Similarly, tumor cells with reduced amount of Hdm2 mRNA were also
less sensitive to the cell growth inhibitory activity of the
compounds (data not shown).
Example 119
Benzodiazapinediones Cause the Dissociation of Cellular Hdm2 from
p53
[0494] The direct effect of benzodiazepediones on the Hdm2: p53
complex in cells was studied in JAR choriocarcinoma cells, which
have higher and thus more readily detectable basal levels of Hdm2
and p53.
[0495] JAR choriocarcinoma cells were first treated for 90 minutes
with increasing doses of compound TDP521252 or TDP258625 (Table 1)
as well as their inactive enantiomers TDP536356 and TDP258626,
respectively. Subsequently, the cells were lysed in TritonX-100
buffer (lysis buffer) [1% Triton X-100, 10 mM Tris pH 7.2, 5 mM
EDTA, 50 mM NaCl, Complete Mini Protease Inhibitor Cocktail Tablets
(Roche #1-836-153, 1 tablet/10 ml lysis buffer), Phosphatase
Inhibitor Cocktail 1 (Sigma #P2850, 1:100 dilution), Phosphatase
Inhibitor Cocktail 2 (Sigma #P5726, 1:100 dilution)]. Cell lysates
were normalized to protein and immunoprecipitated with an anti-p53
antibody (FL-393, Santa Cruz Biotechnology, Santa Cruz, Calif.).
The immunoprecipitates were washed twice in lysis buffer,
resuspended in electrophoresis sample buffer (Lammeli buffer as
known to a person skilled in the art), and subjected to protein
analyses on a 4-12% Bis-Tris polyacrylamide gel with 1.times. MOPS
running buffer (Invitrogen, Carlsbad, Calif.). Proteins on the gel
were transferred to nitrocellulose membranes. The membranes were
blocked with 5% milk buffer (5% nonfat dry milk in TBS/0.1%
Tween-20) and probed in the same buffer with either anti-p53 or
anti-Hdm2 antibodies (DO-1, Oncogene Research Products, Boston,
Mass. and SMP-14, Santa Cruz Biotechnology, Santa Cruz, Calif.,
respectively). After scanning images generated using Typhoon
Scanner (Molecular Dynamics, Sunnyvale, Calif.), ratios of Hdm2:
p53 were determined by ImageQuant analysis, and was normalized to
the vehicle control.
[0496] It was observed that compounds of the invention cause the
dissociation of cellular Hdm2 from p53 in a dose-dependent fashion.
At a concentration of 40 .mu.M, two-fold greater then the IC.sub.50
for inhibition of cell proliferation, TDP521252 caused greater then
90% dissociation of Hdm2 from p53. Similar results have been
observed as early as 15 minutes after treating cells with compounds
(data not shown).

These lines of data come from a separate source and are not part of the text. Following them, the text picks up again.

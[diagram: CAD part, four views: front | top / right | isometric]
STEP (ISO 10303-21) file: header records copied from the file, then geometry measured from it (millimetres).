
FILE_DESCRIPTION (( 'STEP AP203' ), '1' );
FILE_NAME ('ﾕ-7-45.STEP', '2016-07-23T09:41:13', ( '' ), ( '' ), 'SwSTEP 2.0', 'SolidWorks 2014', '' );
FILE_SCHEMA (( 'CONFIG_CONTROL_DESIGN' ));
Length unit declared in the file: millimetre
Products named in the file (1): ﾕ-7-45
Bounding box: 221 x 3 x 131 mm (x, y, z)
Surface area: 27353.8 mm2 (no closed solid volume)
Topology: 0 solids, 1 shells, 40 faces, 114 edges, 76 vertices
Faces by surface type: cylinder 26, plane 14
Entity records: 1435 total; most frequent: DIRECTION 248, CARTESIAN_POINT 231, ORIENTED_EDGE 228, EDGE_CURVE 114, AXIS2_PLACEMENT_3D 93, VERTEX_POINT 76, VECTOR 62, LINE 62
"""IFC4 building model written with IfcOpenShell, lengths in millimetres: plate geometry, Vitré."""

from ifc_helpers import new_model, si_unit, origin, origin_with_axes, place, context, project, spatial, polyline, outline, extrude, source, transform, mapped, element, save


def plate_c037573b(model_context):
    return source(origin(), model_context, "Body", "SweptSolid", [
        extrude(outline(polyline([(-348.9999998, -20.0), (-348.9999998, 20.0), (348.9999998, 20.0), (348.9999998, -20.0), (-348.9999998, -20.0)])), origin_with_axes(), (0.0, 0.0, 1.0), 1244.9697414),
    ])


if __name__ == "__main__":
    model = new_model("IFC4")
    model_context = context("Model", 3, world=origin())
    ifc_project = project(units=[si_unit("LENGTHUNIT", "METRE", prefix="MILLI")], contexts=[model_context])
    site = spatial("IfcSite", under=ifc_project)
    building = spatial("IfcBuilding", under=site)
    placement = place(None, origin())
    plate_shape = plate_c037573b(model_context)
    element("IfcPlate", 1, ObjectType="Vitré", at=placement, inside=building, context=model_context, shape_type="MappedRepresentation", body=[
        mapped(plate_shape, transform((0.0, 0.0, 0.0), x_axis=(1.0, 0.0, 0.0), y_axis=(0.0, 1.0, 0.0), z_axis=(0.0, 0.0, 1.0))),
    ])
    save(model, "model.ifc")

In contrast, the inactive diastereomer,
TDP556356, failed to cause significant dissociation of Hdm2 from
p53. Similar results were observed with the purified enantiomers of
TDP222669, TDP258625 and TDP258626.
Example 120
Benzodiazapinediones Induces Apoptosis in HepG2 Cells
[0497] Activation of p53 in tumor cell lines can lead to either a
cytostatic or apoptotic event depending upon the cellular
environment (Slee et al., 2004, Oncogene 23, 2809-2818).
Experiments were performed to determine whether
Benzodiazapinediones would act as cytostatic agents and prevent
further tumor growth or induce programmed cell death and
potentially lead to tumor regression. Particularly, two parameters
of programmed cell death, caspase activity and chromatin
condensation, were examined in HepG2 cells.
[0498] Caspase Assay: HepG2 hepatocellular carcinoma cells were
treated with 40 .mu.M TDP521252, TDP536356 or DMSO for 0, 8, 16, 24
or 48 hours. Cells were lysed and exposed to substrates for
caspases 3 and 7 (ApoOne, Promega, Madison Wis.) and specific
processing was measured as described by manufacturer over 2 hours.
Rates of caspase activity were then calculated using the
differential results at 20 and 40 minutes after substrate
addition.
[0499] Hoechst Staining: For assessing apoptotic nuclei, HepG2
cells were plated onto four-chamber SonicSeal slides (Nunc,
Naperville, Ill.). After exposure to compound, cells were fixed
with 3.7% formaldehyde for 15 minutes, rinsed in PBS and
subsequently stained with 2.5 .mu.g/ml Hoeschst dye for 15 minutes.
After staining, cells were rinsed again and mounted using Prolong
Antifade (Molecular Probes, Eugene, Oreg.) and then were examined
and photographed with an Olympus IX81 microscope (Melville,
N.Y.).
[0500] The rate of caspase-3 and caspase-7 activation in cells
treated with the active enantiomer TDP521252 is substantially
increased compared to that observed for cells treated with either
DMSO or the inactive enantiomer TDP536356 (FIG. 2). The induction
of caspases was observed as early as 16 hours after addition of
TDP521252 and increased approximately 4.5-fold over the following
32 hours. In additional studies, asynchronous HepG2 cells were
exposed to both the active and the inactive enantiomers of
TDP521252 over a three-day period after which time cells were
harvested, fixed and stained with Hoechst dye to detect chromatin.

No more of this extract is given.